4

I am trying to use pinvoke to marshall an array of structures inside another structure from C to C#. AFAIK, no can do.
So instead, in the C structure I declare a ptr to my array, and malloc. Problems: 1) How do I declare the equivalent on the C# side? 2) How do I allocate and use the equivalent on the C# side?

//The C code
typedef struct {
       int a;
       int b; } A;
typedef struct {
      int c;
      // A myStruct[100];    // can't do this, so:
      A *myStruct; } B;

//The c# code:
[StructLayout(LayoutKind.Sequential, CharSet = CharSet.Ansi)]
public class A{
    int a;
    int b;
}

[StructLayout(LayoutKind.Sequential, CharSet = CharSet.Ansi)]
public class B{
      int c;
      // can't declare array of [100] A structures...
     ?
 }

[EDIT]: Somehow I misinterpreted what I read elsewhere about fixed array of objects on the c# side.
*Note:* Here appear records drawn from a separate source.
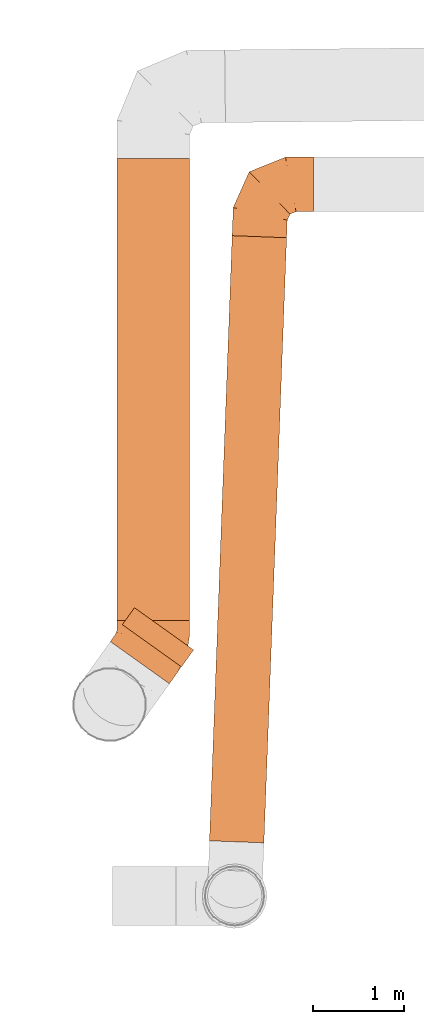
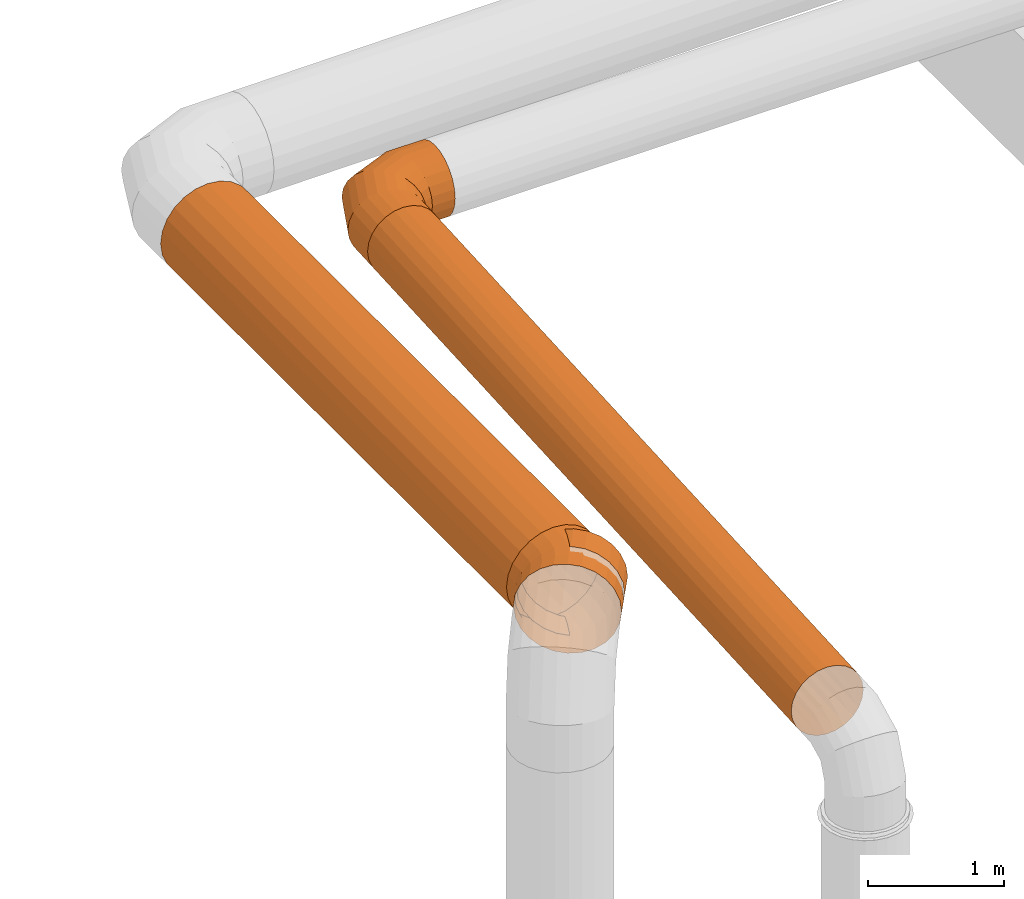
# One storey, part 291 of 301: 5 proxies.
"""IFC2X3 building model written with IfcOpenShell, lengths in millimetres."""

from ifc_helpers import new_model, entity, si_unit, converted_unit, derived_unit, money_unit, direction, frame, origin_with_axes, place, context, subcontext, project, spatial, open_shell, surface_model, type_object, element, save


model = new_model("IFC2X3")

# Units and contexts
model_context = context("Model", 3, precision=0.01, world=origin_with_axes(), true_north=direction((0.0, 1.0)))
body_context = subcontext(model_context, "Body", "Model", "MODEL_VIEW")
ifc_project = project(units=[si_unit("LENGTHUNIT", "METRE", prefix="MILLI"), si_unit("AREAUNIT", "SQUARE_METRE"), si_unit("VOLUMEUNIT", "CUBIC_METRE"), converted_unit("PLANEANGLEUNIT", "DEGREE", entity("IfcPlaneAngleMeasure", 0.0174532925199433), si_unit("PLANEANGLEUNIT", "RADIAN"), dimensions=[0, 0, 0, 0, 0, 0, 0]), money_unit("EUR"), converted_unit("TIMEUNIT", "Year", entity("IfcTimeMeasure", 31557600.0), si_unit("TIMEUNIT", "SECOND"), dimensions=[0, 0, 1, 0, 0, 0, 0]), si_unit("MASSUNIT", "GRAM", prefix="KILO"), si_unit("THERMODYNAMICTEMPERATUREUNIT", "DEGREE_CELSIUS"), si_unit("LUMINOUSINTENSITYUNIT", "LUMEN"), si_unit("ENERGYUNIT", "JOULE", prefix="MEGA"), derived_unit("THERMALCONDUCTANCEUNIT", [(si_unit("POWERUNIT", "WATT"), 1), (si_unit("LENGTHUNIT", "METRE"), -1), (si_unit("THERMODYNAMICTEMPERATUREUNIT", "KELVIN"), -1)]), derived_unit("SPECIFICHEATCAPACITYUNIT", [(si_unit("ENERGYUNIT", "JOULE"), 1), (si_unit("MASSUNIT", "GRAM", prefix="KILO"), -1), (si_unit("THERMODYNAMICTEMPERATUREUNIT", "KELVIN"), -1)]), derived_unit("MASSDENSITYUNIT", [(si_unit("MASSUNIT", "GRAM", prefix="KILO"), 1), (si_unit("VOLUMEUNIT", "CUBIC_METRE"), -1)])], contexts=[model_context])

# Site, building, storey
site_placement = place(None, frame((0.0, 0.0, 8650.0), z_axis=(0.0, 0.0, 1.0), x_axis=(1.0, 0.0, 0.0)))
site = spatial("IfcSite", under=ifc_project, at=site_placement, Name="43301:001:0844", CompositionType="ELEMENT")
building_placement = place(site_placement, origin_with_axes())
building = spatial("IfcBuilding", under=site, at=building_placement, Name="Kuressaare Ametikooli tuulikute mehaanikute õppekorpus", CompositionType="ELEMENT")
storey_placement = place(building_placement, origin_with_axes())
storey = spatial("IfcBuildingStorey", under=building, at=storey_placement, Name="1.korrus", CompositionType="ELEMENT", Elevation=0.0)

# Proxies
building_element_proxy_type = type_object("IfcBuildingElementProxyType", Name="IfcBuildingElementProxy", PredefinedType="NOTDEFINED")
proxy_1_placement = place(storey_placement, frame((70808.29751720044, 44112.69956190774, 6479.025789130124), z_axis=(1.0, 0.0, 0.0), x_axis=(0.0, 1.0, 0.0)))
element("IfcBuildingElementProxy", 1, at=proxy_1_placement, inside=storey, type_object=building_element_proxy_type, context=body_context, shape_type="SurfaceModel", body=[
    surface_model("IfcShellBasedSurfaceModel", [(0.0, -400.9999999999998, 0.0), (0.0, -387.3362563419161, -103.7864370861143), (5100.980131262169, -387.3362563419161, -103.7864370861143), (5100.980131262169, -400.9999999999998, 0.0), (0.0, -347.2761869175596, -200.5000000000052), (5100.980131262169, -347.2761869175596, -200.5000000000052), (0.0, -387.3362563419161, 103.7864370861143), (5100.980131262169, -387.3362563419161, 103.7864370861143), (0.0, -283.5498192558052, -283.5498192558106), (5100.980131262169, -283.5498192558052, -283.5498192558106), (0.0, -347.2761869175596, 200.5000000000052), (5100.980131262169, -347.2761869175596, 200.5000000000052), (0.0, -200.4999999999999, -347.2761869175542), (5100.980131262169, -200.4999999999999, -347.2761869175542), (0.0, -283.5498192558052, 283.5498192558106), (5100.980131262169, -283.5498192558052, 283.5498192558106), (0.0, -103.7864370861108, -387.3362563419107), (5100.980131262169, -103.7864370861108, -387.3362563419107), (0.0, -200.4999999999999, 347.2761869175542), (5100.980131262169, -200.4999999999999, 347.2761869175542), (0.0, 0.0, -400.9999999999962), (5100.980131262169, 0.0, -400.9999999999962), (0.0, -103.7864370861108, 387.3362563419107), (5100.980131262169, -103.7864370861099, 387.3362563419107), (0.0, 103.7864370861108, -387.3362563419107), (5100.980131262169, 103.7864370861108, -387.3362563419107), (0.0, 0.0, 400.9999999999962), (5100.980131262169, 0.0, 400.9999999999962), (0.0, 200.4999999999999, -347.2761869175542), (5100.980131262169, 200.4999999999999, -347.2761869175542), (0.0, 103.7864370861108, 387.3362563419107), (5100.980131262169, 103.7864370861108, 387.3362563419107), (0.0, 283.5498192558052, -283.5498192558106), (5100.980131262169, 283.5498192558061, -283.5498192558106), (0.0, 200.4999999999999, 347.2761869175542), (5100.980131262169, 200.5000000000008, 347.2761869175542), (0.0, 347.2761869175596, -200.5000000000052), (5100.980131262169, 347.2761869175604, -200.5000000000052), (0.0, 283.5498192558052, 283.5498192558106), (5100.980131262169, 283.5498192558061, 283.5498192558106), (0.0, 387.3362563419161, -103.7864370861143), (5100.980131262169, 387.3362563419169, -103.7864370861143), (0.0, 347.2761869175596, 200.5000000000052), (5100.980131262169, 347.2761869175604, 200.5000000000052), (0.0, 400.9999999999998, 0.0), (5100.980131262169, 401.0000000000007, 0.0), (0.0, 387.3362563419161, 103.7864370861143), (5100.980131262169, 387.3362563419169, 103.7864370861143)], [open_shell([[[0, 1, 2, 3]], [[1, 4, 5, 2]], [[6, 0, 3, 7]], [[4, 8, 9, 5]], [[10, 6, 7, 11]], [[8, 12, 13, 9]], [[14, 10, 11, 15]], [[12, 16, 17, 13]], [[18, 14, 15, 19]], [[16, 20, 21, 17]], [[22, 18, 19, 23]], [[20, 24, 25, 21]], [[26, 22, 23, 27]], [[24, 28, 29, 25]], [[30, 26, 27, 31]], [[28, 32, 33, 29]], [[34, 30, 31, 35]], [[32, 36, 37, 33]], [[38, 34, 35, 39]], [[36, 40, 41, 37]], [[42, 38, 39, 43]], [[40, 44, 45, 41]], [[46, 42, 43, 47]], [[44, 46, 47, 45]]])]),
])
proxy_2_placement = place(storey_placement, frame((70659.32821880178, 43647.77050756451, 6479.025789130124), z_axis=(1.0, 0.0, 0.0), x_axis=(0.0, 1.0, 0.0)))
element("IfcBuildingElementProxy", 2, at=proxy_2_placement, inside=storey, type_object=building_element_proxy_type, context=body_context, shape_type="SurfaceModel", body=[
    surface_model("IfcShellBasedSurfaceModel", [(233.0456884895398, 0.0, -326.329139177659), (225.1048492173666, 103.7864370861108, -315.2097434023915), (303.0014873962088, 103.7864370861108, -259.5804002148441), (310.0786272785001, 0.0, -271.3166009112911), (201.8234864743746, 200.4999999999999, -282.6093245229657), (282.2523631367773, 200.4999999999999, -225.1716008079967), (334.4470136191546, 103.7864370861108, -243.7998664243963), (338.6668801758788, 0.0, -256.9699530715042), (225.1048492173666, -103.7864370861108, -315.2097434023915), (303.0014873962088, -103.7864370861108, -259.5804002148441), (164.7881866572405, 283.5498192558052, -230.749547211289), (249.2452730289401, 283.5498192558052, -170.4351055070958), (322.0749908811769, 200.4999999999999, -205.1871261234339), (369.2080531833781, 103.7864370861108, -238.3669579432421), (370.2693848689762, 0.0, -252.0307016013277), (334.4470136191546, -103.7864370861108, -243.7998664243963), (201.8234864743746, -200.5000000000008, -282.6093245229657), (282.2523631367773, -200.5000000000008, -225.1716008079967), (116.5228442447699, 347.2761869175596, -163.1645695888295), (206.2295957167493, 347.2761869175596, -99.1011160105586), (302.3939448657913, 283.5498192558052, -143.7631266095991), (366.0963861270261, 200.4999999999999, -198.3068885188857), (464.929054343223, 103.7864370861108, -238.3669579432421), (464.929054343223, 0.0, -252.0307016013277), (369.2080531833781, -103.7864370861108, -238.3669579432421), (322.0749908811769, -200.5000000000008, -205.1871261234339), (164.7881866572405, -283.5498192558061, -230.749547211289), (249.2452730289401, -283.5498192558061, -170.4351055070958), (60.31666256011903, 387.3362563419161, -84.46019619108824), (156.1367785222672, 387.3362563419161, -16.03092581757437), (276.7451063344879, 347.2761869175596, -63.71381194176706), (361.1464386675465, 283.5498192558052, -134.5805208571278), (464.929054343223, 200.4999999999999, -198.3068885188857), (464.929054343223, -103.7864370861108, -238.3669579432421), (366.0963861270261, -200.5000000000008, -198.3068885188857), (302.3939448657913, -283.5498192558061, -143.7631266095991), (116.5228442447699, -347.2761869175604, -163.1645695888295), (206.2295957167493, -347.2761869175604, -99.1011160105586), (0.0, 400.9999999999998, 0.0), (102.3805641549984, 400.9999999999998, 73.11436889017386), (246.8764012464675, 387.3362563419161, 29.50558937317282), (354.6955415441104, 347.2761869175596, -51.53070160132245), (464.929054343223, 283.5498192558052, -134.5805208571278), (464.929054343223, -200.5000000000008, -198.3068885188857), (361.1464386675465, -283.5498192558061, -134.5805208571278), (276.7451063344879, -347.2761869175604, -63.71381194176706), (60.31666256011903, -387.3362563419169, -84.46019619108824), (156.1367785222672, -387.3362563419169, -16.03092581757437), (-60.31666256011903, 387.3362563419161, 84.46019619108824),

And I can fix the array size in C So compiled ok, but then I get "object reference not set to an instance of an object" when using:

data.B[3].a = 4567; So, reading elsewhere about what this error might be, I added this method:

public void initA()
        {
          for (int i = 0; i < 100; i++) { B[i] = new A(); }
        }

Again, compiled OK, but same error msg.

3
  • Have you tried A[] myStruct? Commented Aug 15, 2012 at 12:13
  • That compiles ok. But how do I allocate storage and use it (I'm still learning c#). Thanks. Commented Aug 15, 2012 at 12:20
  • just curious: why can't you use A myStruct[100]; in C? That would make things much easier on the C# side... Commented Aug 15, 2012 at 13:21

1 Answer 1

5

To marshal "complex" structures like this between C and C#, you have a couple of options.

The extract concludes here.